An increasingly greater proportion of large avocado bags are being sold instead of small bags. This could be due to the rising popularity of avocados and eating them more regularly.

In [None]:
bags = bags.drop(2018, axis = 0)

In [None]:
ax = bags.plot(xticks = bags.index)
ylab = ax.set_ylabel('Bags Sold')
ax.ticklabel_format(useOffset=False, style='plain')

# Put a legend to the right of the current axis
ax.legend(loc='center left', bbox_to_anchor=(1, 0.5))

More bags of each type are being sold. There was a more drastic increase in 2016 than 2017.

# Conventional or Organic?

In [None]:
# Split data by year

data_2015 = data[data["year"] == 2015]
data_2016 = data[data["year"] == 2016]
data_2017 = data[data["year"] == 2017]
data_2018 = data[data["year"] == 2018]

In [None]:
years = [2015, 2016, 2017]
dfs = [data_2015, data_2016, data_2017, data_2018]
con_tot = []
org_tot = []

In [None]:
year = 2015
for df in dfs:
    
    c_year = df[df["type"] == "conventional"]
    o_year = df[df["type"] == "organic"]

    c_year_tot = np.round(c_year["Total Volume"].sum())
    o_year_tot = np.round(o_year["Total Volume"].sum())

    print(c_year_tot, "bags of conventional avocados sold in", year)
    print(o_year_tot, "bags of organic avocados sold in", year)

    con_tot.append(c_year_tot)
    org_tot.append(o_year_tot)
    
    year += 1

In [None]:
years.append(2018)

In [None]:
con_org_dic = {"Conventional": con_tot, "Organic": org_tot}
con_org = pd.DataFrame(con_org_dic, index = years)
con_org

In [None]:
fig, axs = plt.subplots(2,2)
fig.suptitle("Organic vs Conventional Sales")
fig.set_size_inches(15, 9)

axs[0,0].pie(con_org.iloc[0], autopct = '%.0f%%')
axs[0,0].set_title('2015')

axs[0,1].pie(con_org.iloc[1], autopct = '%.0f%%')
axs[0,1].set_title('2016')
axs[0,1].legend(con_org.columns, bbox_to_anchor=(1.5 , 0))

axs[1,0].pie(con_org.iloc[2], autopct = '%.0f%%')
axs[1,0].set_title('2017')

axs[1,1].pie(con_org.iloc[3], autopct = '%.0f%%')
axs[1,1].set_title('2018')

- Proportion of organic avocados being sold is increasing every year.
- Suggests a shift in health awareness and perhaps wealth.

In [None]:
con_org = con_org.drop(2018, axis = 0)

In [None]:
ax = con_org.plot(xticks = con_org.index)
ylab = ax.set_ylabel('Bags Sold')
ax.ticklabel_format(useOffset=False, style='plain')

# Put a legend to the right of the current axis
ax.legend(loc='center left', bbox_to_anchor=(1, 0.5))

# Conventional to Organic Ratio by Region

In [None]:
conventional = data[data["type"] == "conventional"]
organic = data[data["type"] == "organic"]

In [None]:
data.head()

In [None]:
con_ratio = pd.pivot_table(conventional, index = "region", columns = "type", values = "Total Volume", aggfunc = np.sum)
org_ratio = pd.pivot_table(organic, index = "region", columns = "type", values = "Total Volume", aggfunc = np.sum)

In [None]:
con_org_ratio = pd.concat([con_ratio, org_ratio], axis = 1)
con_org_ratio["Total"] = con_org_ratio["conventional"] + con_org_ratio["organic"]
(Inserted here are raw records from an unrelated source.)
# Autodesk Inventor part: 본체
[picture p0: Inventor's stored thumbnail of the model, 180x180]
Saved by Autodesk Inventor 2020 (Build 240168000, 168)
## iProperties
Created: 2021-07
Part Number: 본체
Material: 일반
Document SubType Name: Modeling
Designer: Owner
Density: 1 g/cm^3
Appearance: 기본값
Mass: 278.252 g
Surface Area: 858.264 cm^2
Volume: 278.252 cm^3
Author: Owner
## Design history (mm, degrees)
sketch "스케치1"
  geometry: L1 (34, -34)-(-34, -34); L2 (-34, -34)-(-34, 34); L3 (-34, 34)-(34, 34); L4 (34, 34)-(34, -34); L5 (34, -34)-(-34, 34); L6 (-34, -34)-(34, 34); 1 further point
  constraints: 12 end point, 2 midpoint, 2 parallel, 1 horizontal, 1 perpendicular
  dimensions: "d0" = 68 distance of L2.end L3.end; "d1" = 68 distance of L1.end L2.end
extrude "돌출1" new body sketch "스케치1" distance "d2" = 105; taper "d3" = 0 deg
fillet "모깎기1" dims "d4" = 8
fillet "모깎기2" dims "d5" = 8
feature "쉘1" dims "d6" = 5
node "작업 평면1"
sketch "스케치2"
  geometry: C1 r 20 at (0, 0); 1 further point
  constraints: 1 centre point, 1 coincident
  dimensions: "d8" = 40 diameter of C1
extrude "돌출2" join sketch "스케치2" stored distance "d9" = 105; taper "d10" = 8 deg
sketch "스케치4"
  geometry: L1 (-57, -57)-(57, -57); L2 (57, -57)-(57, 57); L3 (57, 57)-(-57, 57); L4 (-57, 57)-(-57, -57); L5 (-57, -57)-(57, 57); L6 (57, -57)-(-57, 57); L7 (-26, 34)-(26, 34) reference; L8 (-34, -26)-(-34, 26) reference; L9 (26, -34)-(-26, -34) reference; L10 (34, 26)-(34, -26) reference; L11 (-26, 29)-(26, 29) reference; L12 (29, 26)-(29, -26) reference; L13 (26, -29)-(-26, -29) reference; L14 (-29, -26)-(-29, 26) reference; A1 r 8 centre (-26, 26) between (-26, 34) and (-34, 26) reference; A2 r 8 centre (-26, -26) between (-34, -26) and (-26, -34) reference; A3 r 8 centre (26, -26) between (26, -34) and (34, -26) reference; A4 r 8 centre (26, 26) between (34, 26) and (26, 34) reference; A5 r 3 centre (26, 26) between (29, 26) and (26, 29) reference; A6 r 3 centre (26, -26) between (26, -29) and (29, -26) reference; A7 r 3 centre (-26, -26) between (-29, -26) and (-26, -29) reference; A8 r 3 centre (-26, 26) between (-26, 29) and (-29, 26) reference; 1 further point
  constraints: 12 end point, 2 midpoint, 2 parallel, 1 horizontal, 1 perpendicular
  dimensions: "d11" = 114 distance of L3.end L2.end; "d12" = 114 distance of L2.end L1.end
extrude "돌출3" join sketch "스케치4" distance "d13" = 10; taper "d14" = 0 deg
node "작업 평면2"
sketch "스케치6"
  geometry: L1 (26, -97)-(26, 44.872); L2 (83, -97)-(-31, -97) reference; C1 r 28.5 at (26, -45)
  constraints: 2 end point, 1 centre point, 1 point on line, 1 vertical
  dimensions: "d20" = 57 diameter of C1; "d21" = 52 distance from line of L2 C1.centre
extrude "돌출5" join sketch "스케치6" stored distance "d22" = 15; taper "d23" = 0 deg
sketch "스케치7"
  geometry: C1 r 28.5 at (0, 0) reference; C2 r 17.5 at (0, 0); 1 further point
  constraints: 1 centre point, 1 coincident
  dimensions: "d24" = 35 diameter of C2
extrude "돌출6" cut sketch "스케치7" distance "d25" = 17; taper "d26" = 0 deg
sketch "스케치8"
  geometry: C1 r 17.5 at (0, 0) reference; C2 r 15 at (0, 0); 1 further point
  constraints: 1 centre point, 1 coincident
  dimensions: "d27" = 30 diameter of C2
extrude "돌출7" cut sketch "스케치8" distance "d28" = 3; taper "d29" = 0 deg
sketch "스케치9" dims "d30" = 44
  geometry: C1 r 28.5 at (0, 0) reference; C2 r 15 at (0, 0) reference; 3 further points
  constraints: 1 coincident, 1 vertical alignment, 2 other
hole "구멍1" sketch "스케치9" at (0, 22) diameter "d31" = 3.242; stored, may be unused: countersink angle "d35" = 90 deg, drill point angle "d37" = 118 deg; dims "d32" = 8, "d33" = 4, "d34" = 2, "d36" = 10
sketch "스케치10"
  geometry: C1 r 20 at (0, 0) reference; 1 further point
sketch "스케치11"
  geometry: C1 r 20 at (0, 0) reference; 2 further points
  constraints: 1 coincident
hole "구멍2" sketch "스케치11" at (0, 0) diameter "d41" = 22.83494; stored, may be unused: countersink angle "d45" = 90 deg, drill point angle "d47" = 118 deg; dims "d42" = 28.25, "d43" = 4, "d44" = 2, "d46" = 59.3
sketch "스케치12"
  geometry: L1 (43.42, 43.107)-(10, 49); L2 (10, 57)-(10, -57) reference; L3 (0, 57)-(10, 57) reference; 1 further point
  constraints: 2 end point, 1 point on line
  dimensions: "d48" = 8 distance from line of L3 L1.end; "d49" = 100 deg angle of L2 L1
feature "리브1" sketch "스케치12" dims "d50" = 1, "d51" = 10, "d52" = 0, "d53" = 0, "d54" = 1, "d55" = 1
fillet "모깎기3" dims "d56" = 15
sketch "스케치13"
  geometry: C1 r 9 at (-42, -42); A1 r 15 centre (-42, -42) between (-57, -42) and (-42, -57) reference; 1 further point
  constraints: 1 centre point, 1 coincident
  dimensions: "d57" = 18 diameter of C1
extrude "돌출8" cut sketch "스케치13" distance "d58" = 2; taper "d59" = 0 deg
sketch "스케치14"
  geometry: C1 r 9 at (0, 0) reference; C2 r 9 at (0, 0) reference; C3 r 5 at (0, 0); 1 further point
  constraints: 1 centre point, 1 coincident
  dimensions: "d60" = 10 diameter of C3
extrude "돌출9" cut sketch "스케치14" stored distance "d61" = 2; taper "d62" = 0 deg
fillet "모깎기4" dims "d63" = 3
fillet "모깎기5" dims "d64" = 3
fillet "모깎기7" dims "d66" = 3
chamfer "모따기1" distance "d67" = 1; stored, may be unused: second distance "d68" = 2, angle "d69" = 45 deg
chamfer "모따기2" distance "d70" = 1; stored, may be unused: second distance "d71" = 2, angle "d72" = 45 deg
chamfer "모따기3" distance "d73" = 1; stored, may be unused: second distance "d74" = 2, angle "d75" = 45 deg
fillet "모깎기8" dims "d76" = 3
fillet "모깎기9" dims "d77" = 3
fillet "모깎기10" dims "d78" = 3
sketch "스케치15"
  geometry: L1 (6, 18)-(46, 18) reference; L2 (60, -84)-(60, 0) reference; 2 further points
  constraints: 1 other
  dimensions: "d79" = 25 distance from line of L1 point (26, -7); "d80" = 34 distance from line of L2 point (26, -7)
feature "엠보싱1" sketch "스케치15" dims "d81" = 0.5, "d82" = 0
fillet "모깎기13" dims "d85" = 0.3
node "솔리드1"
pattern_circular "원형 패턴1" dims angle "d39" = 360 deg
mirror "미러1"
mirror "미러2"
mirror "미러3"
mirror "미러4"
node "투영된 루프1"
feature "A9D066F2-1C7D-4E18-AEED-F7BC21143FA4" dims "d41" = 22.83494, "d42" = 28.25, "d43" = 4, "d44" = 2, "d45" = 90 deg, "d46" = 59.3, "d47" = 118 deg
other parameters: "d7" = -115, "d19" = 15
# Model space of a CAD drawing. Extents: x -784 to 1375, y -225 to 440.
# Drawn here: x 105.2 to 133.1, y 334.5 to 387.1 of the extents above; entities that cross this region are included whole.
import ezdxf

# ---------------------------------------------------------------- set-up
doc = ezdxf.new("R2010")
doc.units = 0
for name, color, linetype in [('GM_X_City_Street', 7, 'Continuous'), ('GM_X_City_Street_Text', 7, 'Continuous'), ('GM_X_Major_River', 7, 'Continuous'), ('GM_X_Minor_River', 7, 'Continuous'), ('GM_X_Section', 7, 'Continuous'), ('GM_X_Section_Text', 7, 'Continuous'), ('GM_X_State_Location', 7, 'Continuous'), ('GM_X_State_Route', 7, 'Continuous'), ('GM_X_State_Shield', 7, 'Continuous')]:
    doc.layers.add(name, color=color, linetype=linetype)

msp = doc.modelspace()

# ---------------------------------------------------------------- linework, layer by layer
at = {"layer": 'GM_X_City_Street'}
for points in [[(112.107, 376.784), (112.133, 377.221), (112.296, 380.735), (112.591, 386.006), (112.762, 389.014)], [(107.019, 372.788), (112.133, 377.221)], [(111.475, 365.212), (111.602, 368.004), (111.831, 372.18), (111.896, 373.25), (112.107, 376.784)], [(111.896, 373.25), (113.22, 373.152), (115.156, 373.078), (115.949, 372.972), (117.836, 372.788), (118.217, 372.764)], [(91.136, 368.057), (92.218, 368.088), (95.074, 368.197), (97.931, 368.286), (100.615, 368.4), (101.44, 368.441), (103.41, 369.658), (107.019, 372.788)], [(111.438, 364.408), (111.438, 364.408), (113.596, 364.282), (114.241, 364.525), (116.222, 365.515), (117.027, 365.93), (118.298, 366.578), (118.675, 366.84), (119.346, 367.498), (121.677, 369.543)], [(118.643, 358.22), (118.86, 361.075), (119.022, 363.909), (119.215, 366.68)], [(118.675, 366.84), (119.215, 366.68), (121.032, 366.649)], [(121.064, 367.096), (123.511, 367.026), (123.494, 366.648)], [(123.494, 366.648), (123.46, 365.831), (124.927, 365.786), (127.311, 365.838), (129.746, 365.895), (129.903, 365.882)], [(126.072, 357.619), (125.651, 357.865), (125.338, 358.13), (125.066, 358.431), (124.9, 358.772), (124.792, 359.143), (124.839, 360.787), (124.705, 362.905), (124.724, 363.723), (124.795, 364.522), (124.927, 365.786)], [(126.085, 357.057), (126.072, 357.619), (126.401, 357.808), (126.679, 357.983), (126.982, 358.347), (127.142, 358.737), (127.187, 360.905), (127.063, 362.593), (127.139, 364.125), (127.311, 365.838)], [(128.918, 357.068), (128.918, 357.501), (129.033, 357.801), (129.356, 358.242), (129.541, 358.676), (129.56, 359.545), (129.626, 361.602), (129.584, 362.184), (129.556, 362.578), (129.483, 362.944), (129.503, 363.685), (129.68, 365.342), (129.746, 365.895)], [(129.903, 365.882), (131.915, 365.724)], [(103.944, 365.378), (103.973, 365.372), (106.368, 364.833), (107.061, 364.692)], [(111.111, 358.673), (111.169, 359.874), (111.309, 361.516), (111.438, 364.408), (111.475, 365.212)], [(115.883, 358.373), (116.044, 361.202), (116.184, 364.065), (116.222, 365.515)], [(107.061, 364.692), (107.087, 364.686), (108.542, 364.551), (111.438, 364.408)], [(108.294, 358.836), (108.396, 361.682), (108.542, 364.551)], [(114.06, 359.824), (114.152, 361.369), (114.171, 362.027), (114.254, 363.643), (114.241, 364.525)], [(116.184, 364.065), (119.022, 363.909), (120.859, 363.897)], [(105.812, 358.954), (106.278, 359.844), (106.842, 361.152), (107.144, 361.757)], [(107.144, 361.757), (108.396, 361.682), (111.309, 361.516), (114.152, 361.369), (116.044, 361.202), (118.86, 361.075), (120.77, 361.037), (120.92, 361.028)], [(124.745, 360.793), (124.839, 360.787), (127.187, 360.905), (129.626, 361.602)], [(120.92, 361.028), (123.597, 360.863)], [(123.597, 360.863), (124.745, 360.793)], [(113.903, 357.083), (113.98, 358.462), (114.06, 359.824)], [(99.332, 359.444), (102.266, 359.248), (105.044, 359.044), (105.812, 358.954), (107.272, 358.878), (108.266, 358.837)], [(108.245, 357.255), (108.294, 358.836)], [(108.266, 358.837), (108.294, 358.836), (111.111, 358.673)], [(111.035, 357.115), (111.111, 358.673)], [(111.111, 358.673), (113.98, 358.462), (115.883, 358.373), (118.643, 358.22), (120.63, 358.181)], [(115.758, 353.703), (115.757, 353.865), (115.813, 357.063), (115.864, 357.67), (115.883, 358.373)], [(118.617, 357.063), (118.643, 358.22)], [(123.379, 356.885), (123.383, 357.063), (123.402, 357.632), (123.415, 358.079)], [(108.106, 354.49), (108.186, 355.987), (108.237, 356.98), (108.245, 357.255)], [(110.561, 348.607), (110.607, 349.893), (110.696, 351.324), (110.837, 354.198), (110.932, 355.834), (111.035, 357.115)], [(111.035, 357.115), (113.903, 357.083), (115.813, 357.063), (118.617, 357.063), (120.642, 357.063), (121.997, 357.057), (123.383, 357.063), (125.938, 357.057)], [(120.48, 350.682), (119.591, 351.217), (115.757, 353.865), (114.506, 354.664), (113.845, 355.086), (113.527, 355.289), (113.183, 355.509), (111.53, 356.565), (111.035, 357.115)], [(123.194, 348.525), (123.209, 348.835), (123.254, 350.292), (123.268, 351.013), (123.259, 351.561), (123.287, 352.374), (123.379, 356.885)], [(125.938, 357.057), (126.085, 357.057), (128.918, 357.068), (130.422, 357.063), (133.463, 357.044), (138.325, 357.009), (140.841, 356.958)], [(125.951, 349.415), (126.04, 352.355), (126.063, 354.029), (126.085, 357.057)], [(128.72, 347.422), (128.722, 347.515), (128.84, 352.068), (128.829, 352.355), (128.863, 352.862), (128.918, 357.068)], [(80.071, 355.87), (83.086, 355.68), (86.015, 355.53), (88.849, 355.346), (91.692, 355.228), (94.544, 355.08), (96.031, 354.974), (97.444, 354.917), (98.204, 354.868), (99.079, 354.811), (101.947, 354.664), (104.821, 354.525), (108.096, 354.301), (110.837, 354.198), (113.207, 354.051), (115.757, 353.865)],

con_org_ratio["% Organic"] = con_org_ratio["organic"] / con_org_ratio["Total"] *100

con_org_ratio.sort_values("% Organic", ascending = False).head(8)

In [None]:
con_org_ratio.sort_values("% Organic", ascending = False).tail(8)

In [None]:
con_org_ratio["% Organic"].describe()

% Organic avocados sold can vary a bit across regions. This could be due to income, culture, and other lifestyle habits / influences.

# Conclusion

- Price fluctuates a lot between 1.2 and 1.9 over 4 years.
- Price is highest in September, lowest in Feb.
- Volume sold is highest in Febrary and May, lowest in October.
- Avocados are increasing in popularity every year across most regions.
- Highest and lowest demand for various avocado SKUs vary across cities but are generally consistent.
- Other SKUs of avocado are becoming more popular than the ones listed in the dataset,
- Big bags are becoming more popular every year, however small bags still dominate at 70%+.
- Organic varieties are increasing in popularity, increasing from 2% - 4% over 4 years.
- % organic avocados sold by region ranges from 0.68% to 6.74%.